# Need a place to detail my car!



## Karls (Jul 12, 2010)

I can't fit my car in the garage so any detailing I do has to be outside. This year as we are all aware has been crap weather wise. I need to put a new coat of Zaino on the car so ideally I would like to do this undercover somewhere.

What I ideally need is a place I can pay to use for a day that has access for a hose and electric supply and where I can put the car under a roof to machine polish and re-Zaino.

I'm in Gloucestershire but just can't think of anything that comes to mind. Are there places like this about?


----------



## barry P. (May 9, 2010)

Have you tried asking Iain if he has a bit of spare room for a day in the "projects" unit?


----------



## Karls (Jul 12, 2010)

barry P. said:


> Have you tried asking Iain if he has a bit of spare room for a day in the "projects" unit?


That's a thought Barry but whenever I go to Iain's, it's always busy with cars being shunted around but I'll see if he has any suggestions. Thanks.


----------



## Voyager (Jul 20, 2012)

we're in the midlands maybe a bit far, but if u fancy a run out you can use our place, we have everything here you need, snow foam lance etc etc and my beloved milwakee vari 6" mop halogen spot for swirl detection.
nope were not a car detailing place just anal about my paint :chuckle:


----------



## *MAGIC* (Oct 21, 2009)

Get your ass over here.

I might have a polish or 2 you could use :thumbsup:


----------



## fourtoes (Feb 27, 2003)

Not too far from you buddy.
Just near Bath in the S. West, if that's any good give me a shout be good to meet you!

Bob


----------



## HarryW (Jul 15, 2012)

Try Detailing Jem chap, give him a google, stunning work that this guy carries out, and at a fair price!


----------



## Karls (Jul 12, 2010)

Wow! Thanks for all the replys people! I haven't checked this thread for a few days but I must say, your generosity is outstanding!

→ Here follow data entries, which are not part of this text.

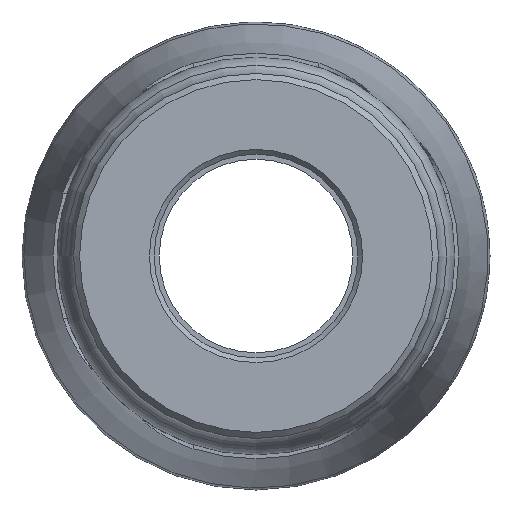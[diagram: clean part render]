
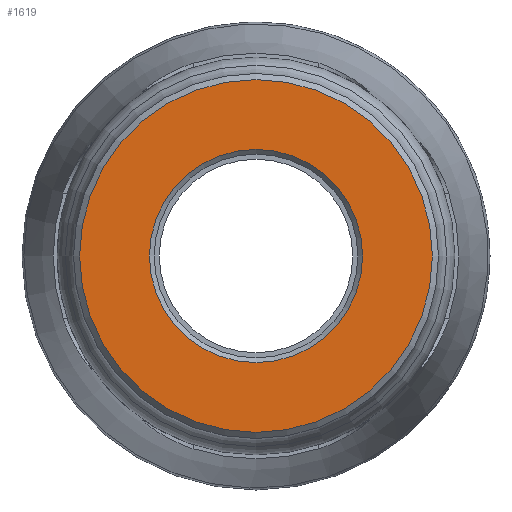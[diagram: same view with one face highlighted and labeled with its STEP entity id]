
A CAD part, left-side view. The second image highlights one B-rep face of the part: STEP entity #1619.
In plain terms, the highlighted planar face has unit normal (-1, 0, 0).
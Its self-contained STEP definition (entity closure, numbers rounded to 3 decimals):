
#29=FACE_BOUND('',#401,.T.);
#212=PLANE('',#1776);
#290=FACE_OUTER_BOUND('',#400,.T.);
#400=EDGE_LOOP('',(#1219));
#401=EDGE_LOOP('',(#1220));
#542=CIRCLE('',#1775,23.453);
#543=CIRCLE('',#1777,38.825);
#728=VERTEX_POINT('',#2910);
#729=VERTEX_POINT('',#2913);
#910=EDGE_CURVE('',#728,#728,#542,.T.);
#911=EDGE_CURVE('',#729,#729,#543,.T.);
#1219=ORIENTED_EDGE('',*,*,#911,.F.);
#1220=ORIENTED_EDGE('',*,*,#910,.F.);
#1619=ADVANCED_FACE('',(#290,#29),#212,.T.);
#1775=AXIS2_PLACEMENT_3D('',#2911,#2067,#2068);
#1776=AXIS2_PLACEMENT_3D('',#2912,#2069,#2070);
#1777=AXIS2_PLACEMENT_3D('',#2914,#2071,#2072);
#2067=DIRECTION('center_axis',(-1.,0.,0.));
#2068=DIRECTION('ref_axis',(0.,-1.,0.));
#2069=DIRECTION('center_axis',(-1.,0.,0.));
#2070=DIRECTION('ref_axis',(0.,0.,1.));
#2071=DIRECTION('center_axis',(1.,0.,0.));
#2072=DIRECTION('ref_axis',(0.,-1.,0.));
#2910=CARTESIAN_POINT('',(0.,23.453,0.));
#2911=CARTESIAN_POINT('Origin',(0.,0.,0.));
#2912=CARTESIAN_POINT('Origin',(0.,40.17,0.));
#2913=CARTESIAN_POINT('',(0.,38.825,0.));
#2914=CARTESIAN_POINT('Origin',(0.,0.,0.));

Just to let you know, I did find a place in the end. Close to where I work on an old WWII airfield, Mitsubishi used to rent out one of the old hangers to store imported new cars and they built a dedicated wash bay too! It's a lovely sized bay, electric, water and drainage. If I could pick it up and take it home I would but I'd have nowhere to put it 

I spent from 08:00 until 16:30 working on the car and I was absolutely fubar'd. Today has been a struggle moving.

But it was worth it when I look at the finished results. I drove it to work this morning on the airfield and thought I'd have a quick play on a left hander, so, TC off and a boot full of Iain's finest Stage 4 on the corner and....I ended up grass tracking with the car sideways across the long, wet dewy grass in the adjacent field, admiring how arty a picture it looked with the dew turning to mist and grass shooting everywhere, even inside the car.

When I parked up, my shiny car was now grass and seed covered. The waxed wheels looked a bit sad too with grass sticking out of them.

So, I considered myself duly bit, chewed up and spat out and learnt that this car out performs me in droves. From now on it's TC in Race!

Thanks again for the kind offers


----------